What the task requires
Below are records; copy every line among them that contains the word "storey".

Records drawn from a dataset
+---+

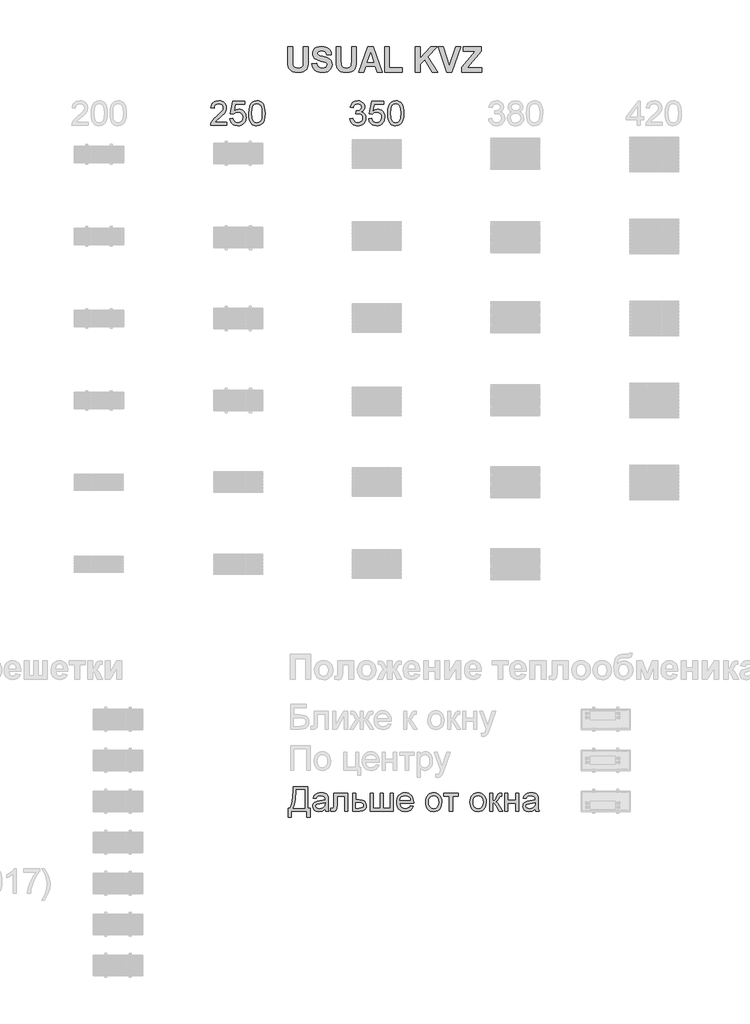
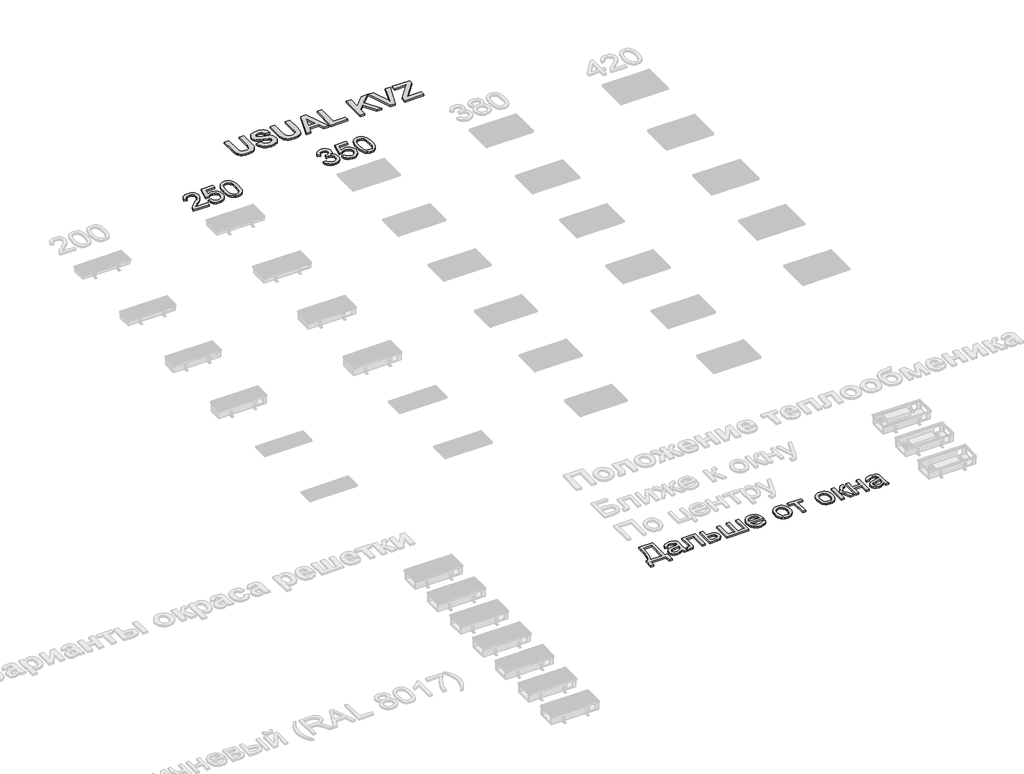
# One storey, part 10 of 12: 4 proxies.
"""IFC4 building model written with IfcOpenShell, lengths in millimetres."""

from ifc_helpers import new_model, si_unit, origin, origin_with_axes, place, context, project, spatial, polyline, outline, extrude, element, save

model = new_model("IFC4")

# Units and contexts
model_context = context("Model", 3, world=origin())
ifc_project = project(units=[si_unit("LENGTHUNIT", "METRE", prefix="MILLI")], contexts=[model_context])

# Site, building, storey
site = spatial("IfcSite", under=ifc_project)
building = spatial("IfcBuilding", under=site)
storey = spatial("IfcBuildingStorey", under=building, Name="Уровень 1", Elevation=0.0)

# Proxies
placement = place(None, origin())
element("IfcBuildingElementProxy", 1, Name="300", ObjectType="300", at=placement, inside=storey, context=model_context, shape_type="SweptSolid", body=[
    extrude(outline(polyline([(14630.1009653, -13613.7438159), (14809.0387678, -13613.7438159), (14809.0387678, -13877.4416301), (14837.292105, -13877.4416301), (14837.292105, -13985.7460895), (14799.6209887, -13985.7460895), (14799.6209887, -13915.1127464), (14606.5565176, -13915.1127464), (14606.5565176, -13985.7460895), (14568.8854013, -13985.7460895), (14568.8854013, -13877.4416301), (14592.429849, -13877.4416301), (14608.9109624, -13843.2699912), (14620.6831862, -13795.2016101), (14627.7465205, -13733.2364865), (14630.1009653, -13657.3746206), (14630.1009653, -13613.7438159)]), holes=[polyline([(14771.3676514, -13651.4149322), (14667.7720816, -13651.4149322), (14667.7720816, -13666.5716704), (14660.1201361, -13769.7993583), (14648.7893707, -13829.4514238), (14630.1009653, -13877.4416301), (14771.3676514, -13877.4416301), (14771.3676514, -13651.4149322)])]), origin_with_axes(), (0.0, 0.0, 1.0), 20.0),
    extrude(outline(polyline([(15020.938797, -13886.8594092), (15002.9401704, -13902.2920588), (14984.4081149, -13912.3904196), (14964.9195662, -13917.9638318), (14944.05146, -13919.8216359), (14912.5699582, -13915.3518697), (14889.3474073, -13901.942571), (14875.0276006, -13881.5803025), (14870.2543317, -13856.2516272), (14872.0569535, -13840.6350365), (14877.4648189, -13826.4531855), (14885.8065431, -13814.3130797), (14896.4107416, -13804.8217242), (14922.7878807, -13792.4608892), (14955.3822254, -13786.7955065), (14993.8994703, -13780.8358181), (15020.7180678, -13773.8460602), (15020.938797, -13765.4583507), (15018.3452289, -13748.6461436), (15010.5645247, -13737.6464719), (14993.1637063, -13729.4794916), (14968.9202829, -13726.7571648), (14946.4794812, -13728.5689837), (14930.8077082, -13734.0044402), (14920.1207362, -13744.0568157), (14912.6343376, -13759.7193916), (14874.9632213, -13755.0105021), (14881.5023238, -13734.4091103), (14891.2603937, -13718.2223026), (14905.147939, -13705.8430734), (14924.0754676, -13696.6644176), (14947.2244422, -13690.9806408), (14973.7763252, -13689.0860485), (14999.2429563, -13690.7599116), (15019.4304808, -13695.7815009), (15034.6515983, -13703.3322788), (15045.2190087, -13712.593708), (15052.2271607, -13724.0440351), (15056.7705033, -13738.1615067), (15058.6099133, -13771.1237335), (15058.6099133, -13817.9918997), (15060.5228997, -13883.4381066), (15068.0276924, -13915.1127464), (15030.3565761, -13915.1127464), (15020.938797, -13886.8594092)]), holes=[polyline([(15020.938797, -13811.5171765), (14960.1646914, -13823.0686712), (14927.7542876, -13829.1755123), (14913.075796, -13839.1083262), (14907.9254481, -13853.6028768), (14910.7305483, -13864.8048835), (14919.1458489, -13873.9835393), (14932.987409, -13880.1087745), (14952.0712875, -13882.1505196), (14972.3047972, -13879.8972424), (14990.1838622, -13873.1374107), (15004.6784128, -13863.1770057), (15014.7583795, -13851.3220084), (15019.2281457, -13839.1083262), (15020.7180678, -13822.1857544), (15020.938797, -13811.5171765)])]), origin_with_axes(), (0.0, 0.0, 1.0), 20.0),
    extrude(outline(polyline([(15129.2432564, -13693.7949381), (15298.7632797, -13693.7949381), (15298.7632797, -13914.8920172), (15261.0921634, -13914.8920172), (15261.0921634, -13731.4660544), (15166.9143727, -13731.4660544), (15166.9143727, -13837.048187), (15164.3759869, -13885.7557632), (15159.6211121, -13896.783026), (15150.4332593, -13906.3203667), (15136.4905317, -13912.9146515), (15117.4710325, -13915.1127464), (15086.8632505, -13913.19976), (15086.8632505, -13877.4416301), (15103.7122459, -13877.4416301), (15120.7451823, -13875.1239735), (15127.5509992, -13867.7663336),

+---+

Solution
# One storey, part 10 of 12: 4 proxies.
# Site, building, storey
storey = spatial("IfcBuildingStorey", under=building, Name="Уровень 1", Elevation=0.0)
element("IfcBuildingElementProxy", 1, Name="300", ObjectType="300", at=placement, inside=storey, context=model_context, shape_type="SweptSolid", body=[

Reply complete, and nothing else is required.